Vorsicht vor Lichtverschmutzung

Warnung vor Garten-Beleuchtung: Deko wird zur unterschätzten Gefahr

Wer seinen Garten nachts beleuchtet, schadet der Tierwelt, insbesondere Insekten. Experten haben daher klare Empfehlungen für Gartenbesitzer.

NRW – Ein stark beleuchteter Garten kann nicht nur für Gartenbesitzer, sondern auch für andere, weitaus kleinere Gäste tückisch sein. Treppenstufen oder Kellereingänge sind zur eigenen Sicherheit oftmals auch nachts beleuchtet, doch auch immer häufiger erstrahlen in Gärten verteilte Lampen in der Dunkelheit. Das kann besonders für bestimmte Gäste verheerende Folgen haben.

Naturschutzbund Deutschland e.V (NABU)deutsche nichtstaatliche Organisation mit dem Ziel, Natur und Umwelt zu schützen
Gründung1899 (Stuttgart)
Mitglieder707.531 (2021)

Gartenbeleuchtung bei Nacht frisst Strom und schadet der Tierwelt

Nicht nur, dass Gartenbesitzer in Zeiten explodierender Energiepreise Strom sparen können, wenn sie die Gartenbeleuchtung nachts ausschalten. Auch die Tierwelt wird es ihnen danken.

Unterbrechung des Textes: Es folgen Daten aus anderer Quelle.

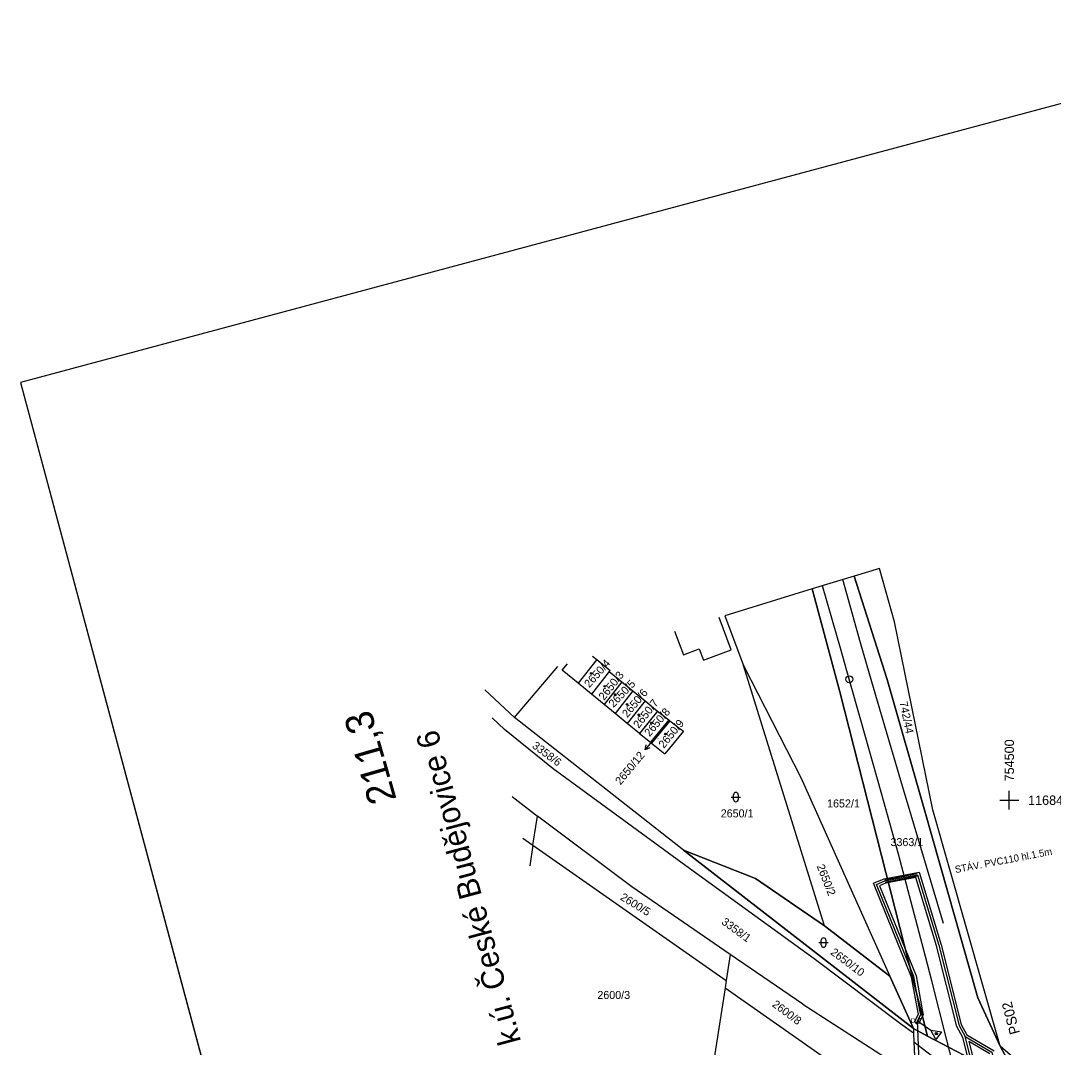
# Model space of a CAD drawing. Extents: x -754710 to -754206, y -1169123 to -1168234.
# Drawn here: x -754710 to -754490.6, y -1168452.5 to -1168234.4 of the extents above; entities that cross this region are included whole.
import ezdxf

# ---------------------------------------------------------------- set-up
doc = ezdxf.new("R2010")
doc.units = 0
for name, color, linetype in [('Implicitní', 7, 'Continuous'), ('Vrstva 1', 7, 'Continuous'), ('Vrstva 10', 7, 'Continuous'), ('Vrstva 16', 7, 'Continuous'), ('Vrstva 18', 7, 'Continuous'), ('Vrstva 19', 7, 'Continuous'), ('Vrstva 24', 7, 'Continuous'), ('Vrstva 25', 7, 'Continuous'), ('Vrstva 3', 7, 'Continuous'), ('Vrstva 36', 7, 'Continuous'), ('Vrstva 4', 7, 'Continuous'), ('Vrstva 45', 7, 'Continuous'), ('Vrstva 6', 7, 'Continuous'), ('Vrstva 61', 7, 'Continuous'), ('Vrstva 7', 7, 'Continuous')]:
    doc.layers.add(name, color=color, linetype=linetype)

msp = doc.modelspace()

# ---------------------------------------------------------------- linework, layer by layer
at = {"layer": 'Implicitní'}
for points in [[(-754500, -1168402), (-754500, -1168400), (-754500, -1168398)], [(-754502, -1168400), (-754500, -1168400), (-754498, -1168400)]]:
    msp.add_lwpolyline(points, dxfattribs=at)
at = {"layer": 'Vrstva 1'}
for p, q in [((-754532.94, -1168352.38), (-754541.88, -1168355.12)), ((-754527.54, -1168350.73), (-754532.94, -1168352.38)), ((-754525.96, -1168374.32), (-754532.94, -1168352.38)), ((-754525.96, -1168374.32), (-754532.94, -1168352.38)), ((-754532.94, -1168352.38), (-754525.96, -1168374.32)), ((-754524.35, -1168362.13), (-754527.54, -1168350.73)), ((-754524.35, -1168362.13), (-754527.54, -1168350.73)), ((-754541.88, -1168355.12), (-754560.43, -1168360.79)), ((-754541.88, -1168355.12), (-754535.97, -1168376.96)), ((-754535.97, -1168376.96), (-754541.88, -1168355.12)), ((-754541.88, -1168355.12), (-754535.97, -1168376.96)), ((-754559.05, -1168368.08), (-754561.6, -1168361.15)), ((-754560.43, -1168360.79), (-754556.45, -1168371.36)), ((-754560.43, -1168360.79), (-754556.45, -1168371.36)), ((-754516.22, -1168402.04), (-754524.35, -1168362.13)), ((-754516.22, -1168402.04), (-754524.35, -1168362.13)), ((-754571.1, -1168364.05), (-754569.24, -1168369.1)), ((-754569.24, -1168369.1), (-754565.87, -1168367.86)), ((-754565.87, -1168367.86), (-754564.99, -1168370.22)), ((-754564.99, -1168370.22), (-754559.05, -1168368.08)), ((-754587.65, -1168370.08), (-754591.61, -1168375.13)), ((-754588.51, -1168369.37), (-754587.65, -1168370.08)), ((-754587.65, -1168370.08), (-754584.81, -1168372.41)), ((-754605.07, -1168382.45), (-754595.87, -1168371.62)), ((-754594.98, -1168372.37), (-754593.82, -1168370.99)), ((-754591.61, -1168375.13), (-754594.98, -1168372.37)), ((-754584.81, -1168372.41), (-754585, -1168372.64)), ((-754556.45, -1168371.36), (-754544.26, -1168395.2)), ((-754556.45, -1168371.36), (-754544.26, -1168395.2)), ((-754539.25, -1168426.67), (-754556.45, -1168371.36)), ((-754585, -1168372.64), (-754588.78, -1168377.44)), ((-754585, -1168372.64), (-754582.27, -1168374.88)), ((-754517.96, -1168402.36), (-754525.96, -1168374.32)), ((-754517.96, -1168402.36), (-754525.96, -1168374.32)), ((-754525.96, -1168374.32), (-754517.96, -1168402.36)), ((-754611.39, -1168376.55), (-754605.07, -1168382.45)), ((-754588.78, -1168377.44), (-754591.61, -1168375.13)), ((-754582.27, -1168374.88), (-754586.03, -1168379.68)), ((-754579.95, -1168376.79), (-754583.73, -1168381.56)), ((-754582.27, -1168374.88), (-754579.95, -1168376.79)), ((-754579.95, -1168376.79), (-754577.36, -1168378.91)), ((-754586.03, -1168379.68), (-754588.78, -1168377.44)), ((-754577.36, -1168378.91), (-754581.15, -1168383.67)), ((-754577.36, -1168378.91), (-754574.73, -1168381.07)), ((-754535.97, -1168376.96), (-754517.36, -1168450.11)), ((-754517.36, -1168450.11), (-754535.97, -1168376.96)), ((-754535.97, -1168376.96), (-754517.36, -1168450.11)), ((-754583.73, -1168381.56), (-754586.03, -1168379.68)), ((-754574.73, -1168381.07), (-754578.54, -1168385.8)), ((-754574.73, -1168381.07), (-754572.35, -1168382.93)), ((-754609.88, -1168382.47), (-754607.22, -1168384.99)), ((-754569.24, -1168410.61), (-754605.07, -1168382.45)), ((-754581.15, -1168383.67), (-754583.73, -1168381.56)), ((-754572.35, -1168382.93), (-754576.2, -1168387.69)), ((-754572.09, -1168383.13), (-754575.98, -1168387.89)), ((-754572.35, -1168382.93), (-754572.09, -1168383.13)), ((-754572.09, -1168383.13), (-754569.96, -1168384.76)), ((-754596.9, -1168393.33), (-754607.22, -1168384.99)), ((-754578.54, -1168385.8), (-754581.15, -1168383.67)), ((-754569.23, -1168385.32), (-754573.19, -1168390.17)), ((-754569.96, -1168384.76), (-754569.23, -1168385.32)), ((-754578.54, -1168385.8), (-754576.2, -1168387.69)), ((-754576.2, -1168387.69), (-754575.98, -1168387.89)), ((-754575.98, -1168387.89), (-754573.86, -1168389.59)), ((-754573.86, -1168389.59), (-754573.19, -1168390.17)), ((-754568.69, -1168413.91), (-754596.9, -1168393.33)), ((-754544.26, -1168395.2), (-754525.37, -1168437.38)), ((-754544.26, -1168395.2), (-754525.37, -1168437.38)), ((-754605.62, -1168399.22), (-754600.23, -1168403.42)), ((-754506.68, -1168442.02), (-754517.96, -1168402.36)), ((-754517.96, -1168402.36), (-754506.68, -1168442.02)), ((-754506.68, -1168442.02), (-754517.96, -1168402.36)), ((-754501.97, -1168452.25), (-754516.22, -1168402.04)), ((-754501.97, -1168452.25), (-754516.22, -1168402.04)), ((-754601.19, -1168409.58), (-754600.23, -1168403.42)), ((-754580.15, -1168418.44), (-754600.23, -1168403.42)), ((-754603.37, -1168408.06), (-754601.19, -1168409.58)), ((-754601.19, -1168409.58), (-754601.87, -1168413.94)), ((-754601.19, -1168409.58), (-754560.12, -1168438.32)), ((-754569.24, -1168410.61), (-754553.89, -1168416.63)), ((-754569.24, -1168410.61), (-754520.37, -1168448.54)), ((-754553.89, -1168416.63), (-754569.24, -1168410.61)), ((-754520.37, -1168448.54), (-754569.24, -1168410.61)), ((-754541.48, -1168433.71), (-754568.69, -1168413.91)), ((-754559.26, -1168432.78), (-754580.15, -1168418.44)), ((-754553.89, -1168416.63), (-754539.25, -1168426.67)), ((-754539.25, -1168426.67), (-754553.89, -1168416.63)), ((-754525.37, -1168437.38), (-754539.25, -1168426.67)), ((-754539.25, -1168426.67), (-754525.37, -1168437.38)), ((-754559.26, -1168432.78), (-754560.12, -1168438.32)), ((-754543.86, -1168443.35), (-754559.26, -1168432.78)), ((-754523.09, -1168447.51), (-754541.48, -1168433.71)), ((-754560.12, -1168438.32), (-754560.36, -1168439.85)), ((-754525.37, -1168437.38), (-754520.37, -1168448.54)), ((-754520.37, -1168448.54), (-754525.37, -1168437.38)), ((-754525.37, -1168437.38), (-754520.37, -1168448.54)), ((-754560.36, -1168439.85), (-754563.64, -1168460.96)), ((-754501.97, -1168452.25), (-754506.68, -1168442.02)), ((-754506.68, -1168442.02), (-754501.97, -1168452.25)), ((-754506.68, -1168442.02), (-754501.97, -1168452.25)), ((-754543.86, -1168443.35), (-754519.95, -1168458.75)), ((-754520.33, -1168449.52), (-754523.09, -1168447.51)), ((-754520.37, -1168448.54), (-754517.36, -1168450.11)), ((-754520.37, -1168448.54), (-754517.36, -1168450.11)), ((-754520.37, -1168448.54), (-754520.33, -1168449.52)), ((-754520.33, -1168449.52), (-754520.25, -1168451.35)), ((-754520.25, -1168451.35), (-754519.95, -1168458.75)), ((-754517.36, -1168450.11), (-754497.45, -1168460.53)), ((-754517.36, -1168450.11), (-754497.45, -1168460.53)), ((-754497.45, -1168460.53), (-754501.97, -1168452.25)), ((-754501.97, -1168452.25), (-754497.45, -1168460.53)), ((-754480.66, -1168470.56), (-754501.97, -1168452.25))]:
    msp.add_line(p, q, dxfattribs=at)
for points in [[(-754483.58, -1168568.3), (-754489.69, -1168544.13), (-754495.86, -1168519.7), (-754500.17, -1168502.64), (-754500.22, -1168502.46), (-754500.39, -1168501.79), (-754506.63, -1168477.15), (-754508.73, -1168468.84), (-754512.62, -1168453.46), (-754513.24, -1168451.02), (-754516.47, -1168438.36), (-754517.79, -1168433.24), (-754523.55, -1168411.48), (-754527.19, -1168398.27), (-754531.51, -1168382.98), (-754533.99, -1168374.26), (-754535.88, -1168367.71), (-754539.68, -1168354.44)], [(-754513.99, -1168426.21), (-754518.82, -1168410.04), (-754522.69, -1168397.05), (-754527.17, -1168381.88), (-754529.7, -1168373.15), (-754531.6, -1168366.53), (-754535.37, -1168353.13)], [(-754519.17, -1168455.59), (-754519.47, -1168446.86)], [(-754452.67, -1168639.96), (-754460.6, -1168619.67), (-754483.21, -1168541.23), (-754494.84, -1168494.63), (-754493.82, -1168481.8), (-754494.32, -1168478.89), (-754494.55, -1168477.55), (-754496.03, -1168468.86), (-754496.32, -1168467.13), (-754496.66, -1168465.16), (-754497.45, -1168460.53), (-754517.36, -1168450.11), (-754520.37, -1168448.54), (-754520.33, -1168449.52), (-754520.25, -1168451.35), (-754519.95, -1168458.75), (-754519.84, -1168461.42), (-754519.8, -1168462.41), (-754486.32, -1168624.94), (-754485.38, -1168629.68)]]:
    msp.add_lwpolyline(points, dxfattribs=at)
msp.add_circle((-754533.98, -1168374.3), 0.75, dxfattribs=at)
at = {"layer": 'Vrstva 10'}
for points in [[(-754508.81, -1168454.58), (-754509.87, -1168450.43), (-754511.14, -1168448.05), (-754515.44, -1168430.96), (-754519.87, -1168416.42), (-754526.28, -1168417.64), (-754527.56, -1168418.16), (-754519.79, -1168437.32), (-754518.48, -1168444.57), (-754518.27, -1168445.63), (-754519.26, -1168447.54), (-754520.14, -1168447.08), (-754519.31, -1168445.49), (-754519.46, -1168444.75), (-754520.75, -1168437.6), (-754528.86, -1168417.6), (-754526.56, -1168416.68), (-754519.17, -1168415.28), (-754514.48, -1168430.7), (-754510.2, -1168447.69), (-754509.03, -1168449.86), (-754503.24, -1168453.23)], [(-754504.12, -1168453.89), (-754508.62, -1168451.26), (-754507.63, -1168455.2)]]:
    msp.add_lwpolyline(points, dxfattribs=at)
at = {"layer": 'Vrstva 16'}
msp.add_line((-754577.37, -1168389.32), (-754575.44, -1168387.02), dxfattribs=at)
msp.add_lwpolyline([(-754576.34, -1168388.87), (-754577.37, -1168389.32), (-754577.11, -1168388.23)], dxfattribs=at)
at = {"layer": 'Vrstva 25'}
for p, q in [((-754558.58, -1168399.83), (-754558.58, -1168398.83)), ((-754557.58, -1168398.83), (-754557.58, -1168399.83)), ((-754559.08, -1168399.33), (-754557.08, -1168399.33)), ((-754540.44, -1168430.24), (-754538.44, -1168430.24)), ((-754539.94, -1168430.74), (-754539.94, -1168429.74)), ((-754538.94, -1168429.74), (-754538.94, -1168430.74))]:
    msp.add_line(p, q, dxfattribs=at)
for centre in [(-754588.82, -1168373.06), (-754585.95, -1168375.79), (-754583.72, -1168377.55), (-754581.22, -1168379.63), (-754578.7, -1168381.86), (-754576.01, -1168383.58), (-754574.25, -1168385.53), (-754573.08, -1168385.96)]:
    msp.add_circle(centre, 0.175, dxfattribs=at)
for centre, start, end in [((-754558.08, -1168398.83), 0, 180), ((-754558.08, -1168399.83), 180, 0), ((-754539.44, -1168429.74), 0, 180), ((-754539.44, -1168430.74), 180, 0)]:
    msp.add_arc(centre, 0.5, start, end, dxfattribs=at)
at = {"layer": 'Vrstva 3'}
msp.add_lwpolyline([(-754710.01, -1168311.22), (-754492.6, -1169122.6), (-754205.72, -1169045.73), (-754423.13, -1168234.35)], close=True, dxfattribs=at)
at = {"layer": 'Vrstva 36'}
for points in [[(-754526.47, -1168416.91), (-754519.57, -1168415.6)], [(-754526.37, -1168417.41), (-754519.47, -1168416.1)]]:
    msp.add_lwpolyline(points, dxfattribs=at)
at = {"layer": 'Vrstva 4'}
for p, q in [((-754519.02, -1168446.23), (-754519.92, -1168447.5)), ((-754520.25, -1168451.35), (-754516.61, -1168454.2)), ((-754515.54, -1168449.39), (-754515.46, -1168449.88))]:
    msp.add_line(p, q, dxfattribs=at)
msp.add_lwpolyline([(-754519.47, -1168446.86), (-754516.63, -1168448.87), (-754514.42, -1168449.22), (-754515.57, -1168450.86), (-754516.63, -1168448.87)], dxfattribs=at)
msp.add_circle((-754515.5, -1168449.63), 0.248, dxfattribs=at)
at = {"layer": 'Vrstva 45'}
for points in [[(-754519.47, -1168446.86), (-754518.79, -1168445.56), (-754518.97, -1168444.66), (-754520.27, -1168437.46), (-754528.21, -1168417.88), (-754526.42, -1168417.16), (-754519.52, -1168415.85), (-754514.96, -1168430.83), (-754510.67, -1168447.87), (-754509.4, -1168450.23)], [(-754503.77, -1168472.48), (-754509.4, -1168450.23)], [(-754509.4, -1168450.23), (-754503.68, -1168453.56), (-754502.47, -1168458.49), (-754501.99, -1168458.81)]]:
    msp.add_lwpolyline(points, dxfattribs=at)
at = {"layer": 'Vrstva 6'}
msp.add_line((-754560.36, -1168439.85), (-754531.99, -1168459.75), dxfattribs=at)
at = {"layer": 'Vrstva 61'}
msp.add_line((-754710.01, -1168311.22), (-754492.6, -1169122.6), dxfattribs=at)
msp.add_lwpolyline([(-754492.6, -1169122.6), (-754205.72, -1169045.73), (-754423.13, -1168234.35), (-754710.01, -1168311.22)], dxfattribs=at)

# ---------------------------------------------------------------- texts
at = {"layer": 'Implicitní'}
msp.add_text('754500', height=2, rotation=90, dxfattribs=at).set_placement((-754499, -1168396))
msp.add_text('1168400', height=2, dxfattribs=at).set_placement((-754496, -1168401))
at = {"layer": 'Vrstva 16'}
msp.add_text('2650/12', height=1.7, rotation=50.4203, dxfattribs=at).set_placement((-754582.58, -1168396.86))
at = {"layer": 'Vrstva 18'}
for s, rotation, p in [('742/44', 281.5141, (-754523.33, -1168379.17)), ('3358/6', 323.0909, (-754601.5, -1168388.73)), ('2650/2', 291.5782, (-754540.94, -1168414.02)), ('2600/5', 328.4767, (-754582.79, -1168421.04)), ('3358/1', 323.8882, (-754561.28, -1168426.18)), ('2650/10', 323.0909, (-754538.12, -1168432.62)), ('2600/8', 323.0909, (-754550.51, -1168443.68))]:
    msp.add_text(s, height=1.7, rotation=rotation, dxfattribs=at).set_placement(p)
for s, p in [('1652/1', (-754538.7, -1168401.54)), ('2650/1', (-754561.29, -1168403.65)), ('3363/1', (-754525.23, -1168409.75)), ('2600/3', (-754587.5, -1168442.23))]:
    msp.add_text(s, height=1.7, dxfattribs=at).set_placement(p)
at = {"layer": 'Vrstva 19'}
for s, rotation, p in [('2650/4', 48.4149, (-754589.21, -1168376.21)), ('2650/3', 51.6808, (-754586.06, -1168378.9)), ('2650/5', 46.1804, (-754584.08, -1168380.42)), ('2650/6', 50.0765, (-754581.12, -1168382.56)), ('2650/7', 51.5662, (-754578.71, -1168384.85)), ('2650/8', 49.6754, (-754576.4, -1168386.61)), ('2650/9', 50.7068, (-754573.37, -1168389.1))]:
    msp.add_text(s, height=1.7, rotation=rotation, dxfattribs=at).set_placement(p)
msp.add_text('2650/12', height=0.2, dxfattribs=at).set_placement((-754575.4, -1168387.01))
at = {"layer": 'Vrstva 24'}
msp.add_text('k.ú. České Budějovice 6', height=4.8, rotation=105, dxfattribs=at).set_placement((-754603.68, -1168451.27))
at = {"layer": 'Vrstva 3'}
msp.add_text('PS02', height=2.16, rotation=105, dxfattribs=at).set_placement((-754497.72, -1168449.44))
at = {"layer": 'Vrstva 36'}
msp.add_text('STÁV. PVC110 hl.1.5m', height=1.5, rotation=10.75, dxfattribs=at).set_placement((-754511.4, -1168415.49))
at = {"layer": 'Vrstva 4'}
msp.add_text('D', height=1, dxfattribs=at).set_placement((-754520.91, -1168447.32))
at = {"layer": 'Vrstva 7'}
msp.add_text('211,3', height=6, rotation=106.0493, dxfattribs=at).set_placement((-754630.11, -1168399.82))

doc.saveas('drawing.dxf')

Künstliches, weißes und sehr helles Licht mit einem hohen UV- und Blauanteil, mache die Nacht zum Tage, weiß Ökotest. Und die Folgen dieser sogenannten Lichtverschmutzung können dramatisch sein. Schließlich würden Vögel früher anfangen zu singen und Insekten schwirrten um die Lichtquellen herum, anstatt nach Futter zu suchen.

Insekten werden durch starkes UV-Licht angelockt und können elendig verenden

Carsten Wachholz, Energie-Experte beim Naturschutzbund Deutschland (Nabu), will Gartenbesitzern die Konsequenzen einer nächtlichen Beleuchtung, insbesondere in den Spätsommernächten, aufzeigen. Die Unmengen an Insekten, die dadurch angelockt würden, seien schnell „in diesem Bann dieses künstlichen Lichtes gefangen, weil die sich normalerweise am Sternenlicht orientieren und jetzt auf eine viel, viel hellere Lichtquelle“ zusteuerten.

In letzter Konsequenz führe das dazu, dass die kleinen Tierchen „dann entweder an Erschöpfung“ sterben „oder dadurch, dass sie halt Beute für andere Tiere werden“. Besonders dann, wenn die Insekten in das Innere der Leuchtengehäuse gelangen, sei ein leidvolles Ende durch „Überhitzung oder weil sie einfach den Weg ins Freie nicht mehr finden“, garantiert.

Ökosystem im heimischen Garten wird durch Artensterben massiv beeinflusst

Gartenbesitzer, die glauben, dass ihr Ökosystem ohne die kleinen, oft eher lästigen Tierchen besser dastehe, befinden sich auf dem Holzweg. Denn durch Lichtverschmutzungen verursachtes Artensterben führe dazu, dass zahlreiche „Insekten am Ende in der Nahrungskette und für die Bestäubung von Pflanzen zum Beispiel fehlen“, erklärt Carsten Wachholz.

Melanie Conrad, Gartenexpertin des Nabu, zufolge würden durch starkes UV-Licht angelockte Insekten zudem ihre Energie für die Partner- und Nahrungssuche verlieren. Wenn es im heimischen Garten plötzlich nicht mehr summt und brummt, mag das zwar für manche Besitzer zunächst angenehm sein, doch ein langfristig defektes Ökosystem wird wohl kaum in ihrem Interesse liegen.

Gartenbeleuchtung bei Nacht kann Insekten schaden.

LED-Leuchten sparen nicht nur Energie, sondern schützen auch Insekten

Um dem entgegenzuwirken, empfiehlt Melanie Conrad, energiesparende LED-Leuchten, deren Licht keinen Blauanteil hat, für die Gartenbeleuchtung zu nutzen. So sparen Gartenbesitzer nicht nur Geld, sondern schützen auch die Insektenvielfalt. Außerdem sei es laut Ökotest ratsam, die Beleuchtung von Kellereingängen und Treppenstufen mit Bewegungsmeldern zu regulieren.

Der Nabu empfiehlt, Bäume und Hausfassaden erst gar nicht anzustrahlen und „nach oben gerichtete Lichtquellen für Dekorationszwecke“ zu vermeiden, um die Tierwelt nicht zu beeinträchtigen. Ebenso solle es nachts nicht nur im Garten, sondern auch vor der Garage oder der Haustür möglichst dunkel bleiben.